:: What you should do ::
What is printed must match, line for line, the records from their first line through the line containing "which some entities", with pictures left out.
═══ Data to examine
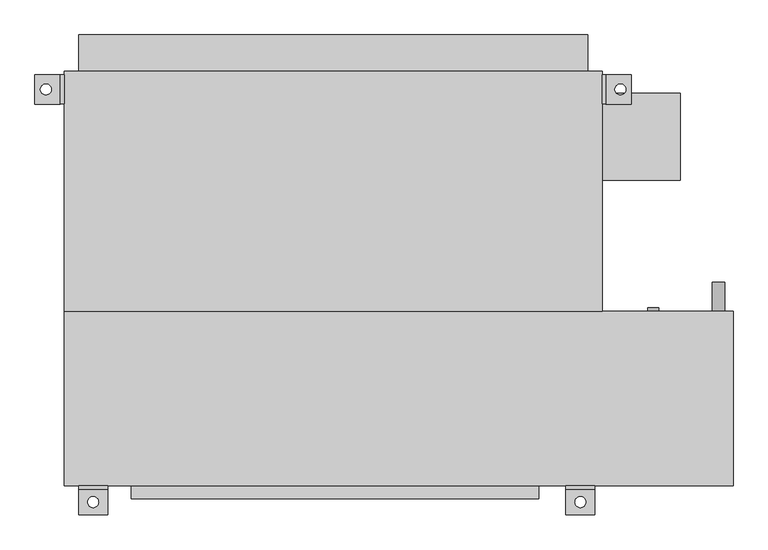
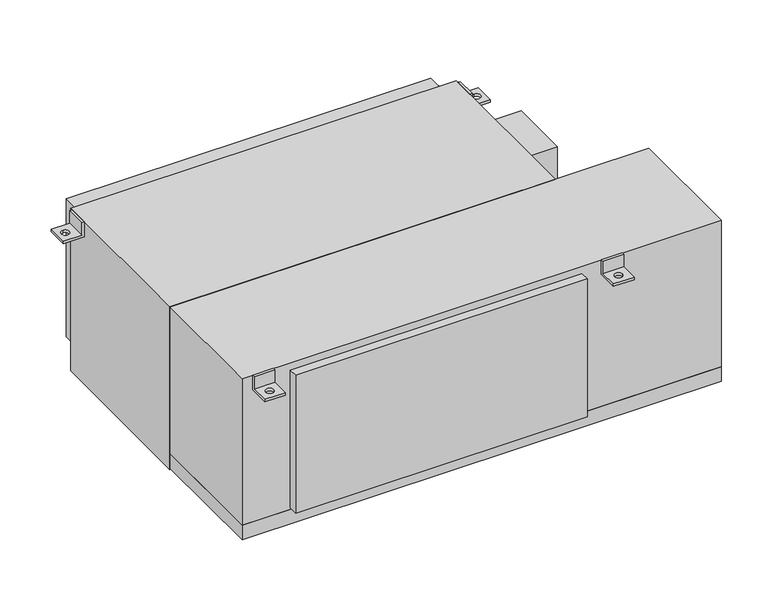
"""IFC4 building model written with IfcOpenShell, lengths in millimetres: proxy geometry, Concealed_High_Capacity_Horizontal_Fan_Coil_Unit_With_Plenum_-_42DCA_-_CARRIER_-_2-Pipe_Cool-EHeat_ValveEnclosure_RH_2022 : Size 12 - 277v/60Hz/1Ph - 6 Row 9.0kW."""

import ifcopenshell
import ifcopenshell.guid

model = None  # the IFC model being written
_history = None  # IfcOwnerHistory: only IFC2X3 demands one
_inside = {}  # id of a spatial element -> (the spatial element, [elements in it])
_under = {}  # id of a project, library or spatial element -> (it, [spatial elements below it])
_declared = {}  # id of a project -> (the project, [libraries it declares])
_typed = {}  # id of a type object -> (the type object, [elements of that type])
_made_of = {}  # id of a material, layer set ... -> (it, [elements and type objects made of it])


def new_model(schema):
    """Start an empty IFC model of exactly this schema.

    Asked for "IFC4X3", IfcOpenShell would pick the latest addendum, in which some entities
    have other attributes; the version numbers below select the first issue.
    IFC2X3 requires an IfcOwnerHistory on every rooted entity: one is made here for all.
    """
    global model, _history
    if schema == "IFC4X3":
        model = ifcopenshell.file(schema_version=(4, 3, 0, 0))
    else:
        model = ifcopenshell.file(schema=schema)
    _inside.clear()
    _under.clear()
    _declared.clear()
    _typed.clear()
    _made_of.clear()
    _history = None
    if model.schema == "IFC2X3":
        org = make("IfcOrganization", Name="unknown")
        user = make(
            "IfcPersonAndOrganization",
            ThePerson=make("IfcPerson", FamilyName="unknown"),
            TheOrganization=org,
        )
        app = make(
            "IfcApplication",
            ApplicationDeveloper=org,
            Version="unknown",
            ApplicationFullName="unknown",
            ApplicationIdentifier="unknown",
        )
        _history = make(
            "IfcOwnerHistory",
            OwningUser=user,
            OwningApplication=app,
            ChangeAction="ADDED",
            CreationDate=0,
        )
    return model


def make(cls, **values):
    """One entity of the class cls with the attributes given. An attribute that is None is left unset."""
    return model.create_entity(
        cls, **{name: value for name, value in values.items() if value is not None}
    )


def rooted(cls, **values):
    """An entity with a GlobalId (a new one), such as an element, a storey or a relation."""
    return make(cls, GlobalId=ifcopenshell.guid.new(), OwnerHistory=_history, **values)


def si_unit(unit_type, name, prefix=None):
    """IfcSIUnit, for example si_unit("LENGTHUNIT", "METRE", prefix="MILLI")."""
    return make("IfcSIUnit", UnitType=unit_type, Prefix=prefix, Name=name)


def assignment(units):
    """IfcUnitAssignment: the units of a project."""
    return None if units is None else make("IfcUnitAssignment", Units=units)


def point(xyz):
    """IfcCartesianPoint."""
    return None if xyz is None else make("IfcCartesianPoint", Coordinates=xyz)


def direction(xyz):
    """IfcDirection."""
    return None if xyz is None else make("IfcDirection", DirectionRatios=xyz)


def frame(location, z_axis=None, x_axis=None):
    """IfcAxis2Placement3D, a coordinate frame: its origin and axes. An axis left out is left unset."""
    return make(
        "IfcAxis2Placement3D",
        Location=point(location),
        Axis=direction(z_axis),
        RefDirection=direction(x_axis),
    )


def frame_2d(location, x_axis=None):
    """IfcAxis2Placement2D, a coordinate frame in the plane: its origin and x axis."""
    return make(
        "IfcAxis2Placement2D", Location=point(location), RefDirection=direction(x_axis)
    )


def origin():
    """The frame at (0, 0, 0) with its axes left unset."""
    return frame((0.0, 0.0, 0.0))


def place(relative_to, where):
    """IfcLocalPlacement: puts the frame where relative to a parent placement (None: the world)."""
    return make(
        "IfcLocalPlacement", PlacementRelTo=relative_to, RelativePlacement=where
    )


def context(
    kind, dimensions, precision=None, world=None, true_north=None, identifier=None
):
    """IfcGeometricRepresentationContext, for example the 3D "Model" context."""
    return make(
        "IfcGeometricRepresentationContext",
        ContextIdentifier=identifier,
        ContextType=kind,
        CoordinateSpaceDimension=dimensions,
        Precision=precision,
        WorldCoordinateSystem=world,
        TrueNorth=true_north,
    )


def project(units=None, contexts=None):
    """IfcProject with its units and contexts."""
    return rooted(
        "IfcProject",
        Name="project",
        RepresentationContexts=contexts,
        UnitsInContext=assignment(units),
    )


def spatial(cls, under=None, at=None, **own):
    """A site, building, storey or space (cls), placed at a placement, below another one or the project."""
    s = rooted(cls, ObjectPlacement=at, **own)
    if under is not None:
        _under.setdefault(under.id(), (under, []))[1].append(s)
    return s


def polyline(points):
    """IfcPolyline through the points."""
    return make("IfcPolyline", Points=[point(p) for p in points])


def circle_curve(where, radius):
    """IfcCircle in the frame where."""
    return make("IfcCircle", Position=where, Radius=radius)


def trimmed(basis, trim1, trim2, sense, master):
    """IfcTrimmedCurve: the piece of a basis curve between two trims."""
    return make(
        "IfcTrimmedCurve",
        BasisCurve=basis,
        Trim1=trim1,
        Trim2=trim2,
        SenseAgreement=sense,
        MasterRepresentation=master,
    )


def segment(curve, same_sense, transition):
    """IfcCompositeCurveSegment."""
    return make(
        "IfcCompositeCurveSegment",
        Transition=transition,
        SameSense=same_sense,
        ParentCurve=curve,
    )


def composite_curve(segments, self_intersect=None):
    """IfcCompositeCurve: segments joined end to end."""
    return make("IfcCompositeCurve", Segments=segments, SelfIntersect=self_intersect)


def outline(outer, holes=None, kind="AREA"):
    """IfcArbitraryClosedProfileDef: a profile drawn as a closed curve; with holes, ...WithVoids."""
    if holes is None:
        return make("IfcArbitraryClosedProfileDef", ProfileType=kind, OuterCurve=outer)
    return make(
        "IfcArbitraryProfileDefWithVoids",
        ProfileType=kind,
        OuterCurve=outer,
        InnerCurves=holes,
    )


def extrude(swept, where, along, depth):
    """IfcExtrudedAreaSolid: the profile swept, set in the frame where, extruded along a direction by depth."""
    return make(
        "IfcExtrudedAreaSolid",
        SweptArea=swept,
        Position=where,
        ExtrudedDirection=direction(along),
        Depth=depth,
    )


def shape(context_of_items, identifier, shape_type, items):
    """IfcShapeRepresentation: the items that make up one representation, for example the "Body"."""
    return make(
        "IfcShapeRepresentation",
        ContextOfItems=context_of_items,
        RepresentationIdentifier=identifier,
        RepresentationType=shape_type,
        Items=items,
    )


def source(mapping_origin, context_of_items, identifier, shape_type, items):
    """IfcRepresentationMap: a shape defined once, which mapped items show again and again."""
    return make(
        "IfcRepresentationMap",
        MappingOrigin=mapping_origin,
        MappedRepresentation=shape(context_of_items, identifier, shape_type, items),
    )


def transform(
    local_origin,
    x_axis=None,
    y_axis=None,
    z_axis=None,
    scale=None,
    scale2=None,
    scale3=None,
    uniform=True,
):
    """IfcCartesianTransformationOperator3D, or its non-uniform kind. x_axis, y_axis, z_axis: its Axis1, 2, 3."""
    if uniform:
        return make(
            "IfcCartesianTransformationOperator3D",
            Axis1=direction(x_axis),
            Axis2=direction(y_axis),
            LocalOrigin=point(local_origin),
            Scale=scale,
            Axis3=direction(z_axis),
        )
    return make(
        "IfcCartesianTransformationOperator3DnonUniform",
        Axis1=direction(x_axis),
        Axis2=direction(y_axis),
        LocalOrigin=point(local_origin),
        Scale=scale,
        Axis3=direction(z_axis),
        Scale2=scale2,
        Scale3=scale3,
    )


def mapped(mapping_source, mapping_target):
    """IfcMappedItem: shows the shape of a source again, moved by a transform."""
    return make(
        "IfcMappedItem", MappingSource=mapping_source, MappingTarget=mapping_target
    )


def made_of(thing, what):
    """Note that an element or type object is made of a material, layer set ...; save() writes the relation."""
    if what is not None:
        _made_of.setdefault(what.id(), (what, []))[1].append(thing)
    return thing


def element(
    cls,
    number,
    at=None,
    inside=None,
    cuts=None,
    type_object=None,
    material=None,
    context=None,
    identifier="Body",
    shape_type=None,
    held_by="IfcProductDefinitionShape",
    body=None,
══════
:: Result ::
"""IFC4 building model written with IfcOpenShell, lengths in millimetres: proxy geometry, Concealed_High_Capacity_Horizontal_Fan_Coil_Unit_With_Plenum_-_42DCA_-_CARRIER_-_2-Pipe_Cool-EHeat_ValveEnclosure_RH_2022 : Size 12 - 277v/60Hz/1Ph - 6 Row 9.0kW."""

import ifcopenshell
import ifcopenshell.guid

model = None  # the IFC model being written
_history = None  # IfcOwnerHistory: only IFC2X3 demands one
_inside = {}  # id of a spatial element -> (the spatial element, [elements in it])
_under = {}  # id of a project, library or spatial element -> (it, [spatial elements below it])
_declared = {}  # id of a project -> (the project, [libraries it declares])
_typed = {}  # id of a type object -> (the type object, [elements of that type])
_made_of = {}  # id of a material, layer set ... -> (it, [elements and type objects made of it])


def new_model(schema):
    """Start an empty IFC model of exactly this schema.

    Asked for "IFC4X3", IfcOpenShell would pick the latest addendum, in which some entities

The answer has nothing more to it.